#### PROBLEM DETAILS
Transcribe exactly the line that contains "N01213: R1.2 U1.3(OUT)" and every line after it through the end of the records, with nothing else.

#### DATA EXTRACTS

*** Begin section ***

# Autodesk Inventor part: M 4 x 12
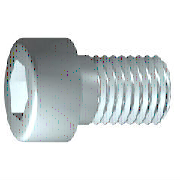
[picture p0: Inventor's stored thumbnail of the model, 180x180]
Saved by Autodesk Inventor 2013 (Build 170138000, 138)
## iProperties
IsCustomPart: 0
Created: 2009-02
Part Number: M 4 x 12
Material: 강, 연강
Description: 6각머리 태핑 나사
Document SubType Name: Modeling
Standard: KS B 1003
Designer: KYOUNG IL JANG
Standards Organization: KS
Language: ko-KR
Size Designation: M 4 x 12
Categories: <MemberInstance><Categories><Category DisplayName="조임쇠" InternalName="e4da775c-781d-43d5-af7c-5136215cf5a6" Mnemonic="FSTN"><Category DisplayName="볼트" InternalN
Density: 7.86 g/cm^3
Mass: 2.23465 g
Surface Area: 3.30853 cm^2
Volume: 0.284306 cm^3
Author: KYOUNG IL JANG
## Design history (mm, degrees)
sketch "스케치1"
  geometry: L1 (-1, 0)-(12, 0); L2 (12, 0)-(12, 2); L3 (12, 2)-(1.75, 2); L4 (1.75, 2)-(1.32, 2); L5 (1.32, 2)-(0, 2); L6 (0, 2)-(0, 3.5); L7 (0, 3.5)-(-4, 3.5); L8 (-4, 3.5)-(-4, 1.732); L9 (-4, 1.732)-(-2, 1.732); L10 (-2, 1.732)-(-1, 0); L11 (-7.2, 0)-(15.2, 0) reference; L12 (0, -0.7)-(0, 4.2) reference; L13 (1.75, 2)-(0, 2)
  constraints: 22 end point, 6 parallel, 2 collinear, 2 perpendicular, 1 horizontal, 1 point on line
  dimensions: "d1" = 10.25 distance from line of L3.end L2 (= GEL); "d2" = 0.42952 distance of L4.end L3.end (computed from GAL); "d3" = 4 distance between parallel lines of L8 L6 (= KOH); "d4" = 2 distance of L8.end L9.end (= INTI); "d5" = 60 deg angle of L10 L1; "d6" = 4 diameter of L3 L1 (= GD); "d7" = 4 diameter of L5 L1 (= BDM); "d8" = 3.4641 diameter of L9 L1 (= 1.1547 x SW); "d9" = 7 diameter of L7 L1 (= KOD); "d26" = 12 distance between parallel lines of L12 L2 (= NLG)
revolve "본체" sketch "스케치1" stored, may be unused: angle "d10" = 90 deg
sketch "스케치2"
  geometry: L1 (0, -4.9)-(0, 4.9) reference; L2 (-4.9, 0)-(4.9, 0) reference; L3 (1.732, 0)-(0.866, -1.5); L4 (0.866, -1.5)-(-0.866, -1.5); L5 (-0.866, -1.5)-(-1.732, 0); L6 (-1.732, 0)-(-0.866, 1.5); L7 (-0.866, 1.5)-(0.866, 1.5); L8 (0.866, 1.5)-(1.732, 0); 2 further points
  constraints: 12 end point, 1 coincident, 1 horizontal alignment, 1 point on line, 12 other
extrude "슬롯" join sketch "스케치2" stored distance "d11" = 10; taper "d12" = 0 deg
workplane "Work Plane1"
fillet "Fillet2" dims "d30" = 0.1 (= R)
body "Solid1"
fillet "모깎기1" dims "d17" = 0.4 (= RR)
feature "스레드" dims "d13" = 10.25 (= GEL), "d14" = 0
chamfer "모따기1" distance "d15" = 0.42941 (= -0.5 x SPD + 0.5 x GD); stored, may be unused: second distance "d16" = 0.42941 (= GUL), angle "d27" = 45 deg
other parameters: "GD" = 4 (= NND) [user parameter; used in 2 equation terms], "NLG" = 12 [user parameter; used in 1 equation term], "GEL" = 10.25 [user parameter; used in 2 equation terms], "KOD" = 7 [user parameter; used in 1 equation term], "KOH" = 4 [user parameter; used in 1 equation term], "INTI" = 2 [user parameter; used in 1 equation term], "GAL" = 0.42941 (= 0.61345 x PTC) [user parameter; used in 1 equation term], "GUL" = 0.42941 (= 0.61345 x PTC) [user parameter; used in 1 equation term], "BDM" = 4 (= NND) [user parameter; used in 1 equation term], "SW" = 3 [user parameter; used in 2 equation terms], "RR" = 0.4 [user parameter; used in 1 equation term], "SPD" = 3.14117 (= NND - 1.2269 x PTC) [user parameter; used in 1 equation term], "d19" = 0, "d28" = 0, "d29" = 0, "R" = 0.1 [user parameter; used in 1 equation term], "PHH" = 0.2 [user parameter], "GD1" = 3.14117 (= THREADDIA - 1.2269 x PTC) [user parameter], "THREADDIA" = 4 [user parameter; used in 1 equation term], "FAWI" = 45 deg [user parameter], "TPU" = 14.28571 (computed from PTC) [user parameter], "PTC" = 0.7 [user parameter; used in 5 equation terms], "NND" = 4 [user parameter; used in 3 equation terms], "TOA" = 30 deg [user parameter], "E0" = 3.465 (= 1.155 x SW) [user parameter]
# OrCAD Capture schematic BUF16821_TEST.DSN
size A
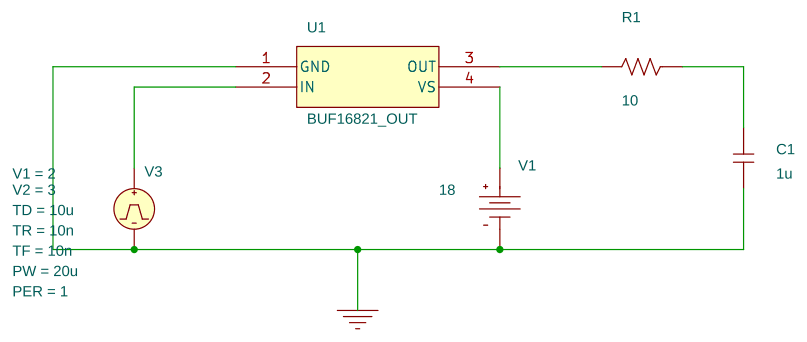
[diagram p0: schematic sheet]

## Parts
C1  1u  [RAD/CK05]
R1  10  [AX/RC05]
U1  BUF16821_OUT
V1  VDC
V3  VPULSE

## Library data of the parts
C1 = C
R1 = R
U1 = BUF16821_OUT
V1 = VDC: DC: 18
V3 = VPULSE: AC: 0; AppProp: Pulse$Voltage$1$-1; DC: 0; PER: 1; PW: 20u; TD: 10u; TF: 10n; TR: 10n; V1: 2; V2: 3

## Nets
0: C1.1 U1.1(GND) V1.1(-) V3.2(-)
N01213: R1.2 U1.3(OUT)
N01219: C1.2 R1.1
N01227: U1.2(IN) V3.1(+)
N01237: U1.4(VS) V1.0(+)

*** End section ***

#### REPLY TO THE EXERCISE
N01213: R1.2 U1.3(OUT)
N01219: C1.2 R1.1
N01227: U1.2(IN) V3.1(+)
N01237: U1.4(VS) V1.0(+)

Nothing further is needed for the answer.